-- Exercise --
Transcribe all of the data exactly. Omit the pictures.

Entries taken from a collection
☆ ☆ ☆ ☆ ☆ ☆ ☆

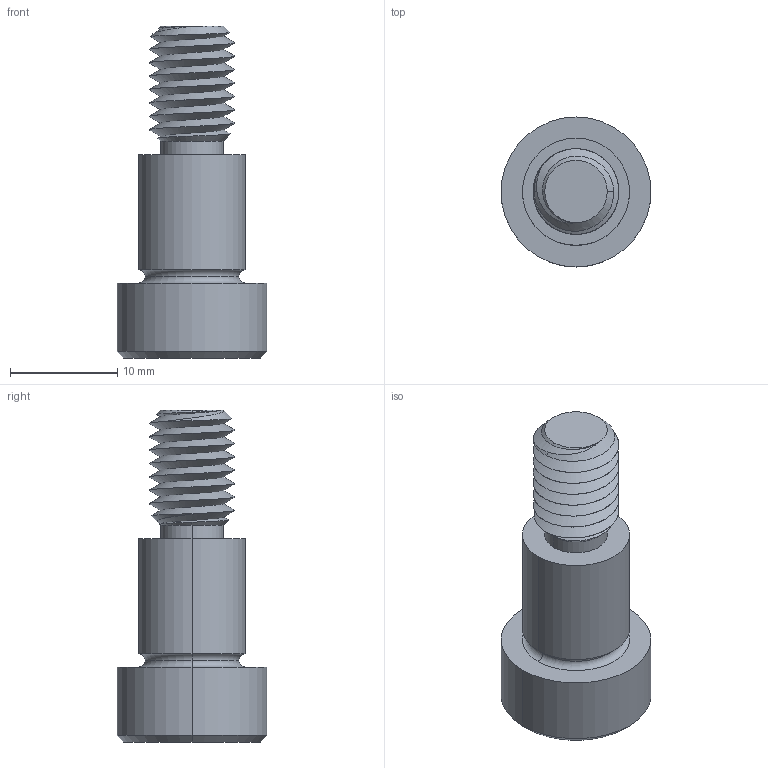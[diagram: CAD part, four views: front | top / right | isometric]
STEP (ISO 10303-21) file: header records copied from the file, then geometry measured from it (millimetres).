
FILE_DESCRIPTION (( 'STEP AP203' ), '1' );
FILE_NAME ('P0130.100-012-B8.step', '2021-11-09T21:50:31', ( '' ), ( '' ), 'SwSTEP 2.0', 'SolidWorks 2019', '' );
FILE_SCHEMA (( 'CONFIG_CONTROL_DESIGN' ));
Length unit declared in the file: millimetre
Products named in the file (1): P0130.100-012-B8
Bounding box: 14 x 14 x 31 mm (x, y, z)
Volume: 2310.4 mm3; surface area: 1555.2 mm2
Topology: 1 solids, 1 shells, 58 faces, 136 edges, 81 vertices
Faces by surface type: cylinder 20, cone 16, plane 16, torus 4, bspline 2
Entity records: 4248 total; most frequent: CARTESIAN_POINT 2944, ORIENTED_EDGE 268, DIRECTION 241, EDGE_CURVE 134, AXIS2_PLACEMENT_3D 97, VERTEX_POINT 81, EDGE_LOOP 61, ADVANCED_FACE 58

☆ ☆ ☆ ☆ ☆ ☆ ☆

-- Completed task --
[diagram: CAD part, four views: front | top / right | isometric]
STEP (ISO 10303-21) file: header records copied from the file, then geometry measured from it (millimetres).
FILE_DESCRIPTION (( 'STEP AP203' ), '1' );
FILE_NAME ('P0130.100-012-B8.step', '2021-11-09T21:50:31', ( '' ), ( '' ), 'SwSTEP 2.0', 'SolidWorks 2019', '' );
FILE_SCHEMA (( 'CONFIG_CONTROL_DESIGN' ));
Length unit declared in the file: millimetre
Products named in the file (1): P0130.100-012-B8
Bounding box: 14 x 14 x 31 mm (x, y, z)
Volume: 2310.4 mm3; surface area: 1555.2 mm2
Topology: 1 solids, 1 shells, 58 faces, 136 edges, 81 vertices
Faces by surface type: cylinder 20, cone 16, plane 16, torus 4, bspline 2
Entity records: 4248 total; most frequent: CARTESIAN_POINT 2944, ORIENTED_EDGE 268, DIRECTION 241, EDGE_CURVE 134, AXIS2_PLACEMENT_3D 97, VERTEX_POINT 81, EDGE_LOOP 61, ADVANCED_FACE 58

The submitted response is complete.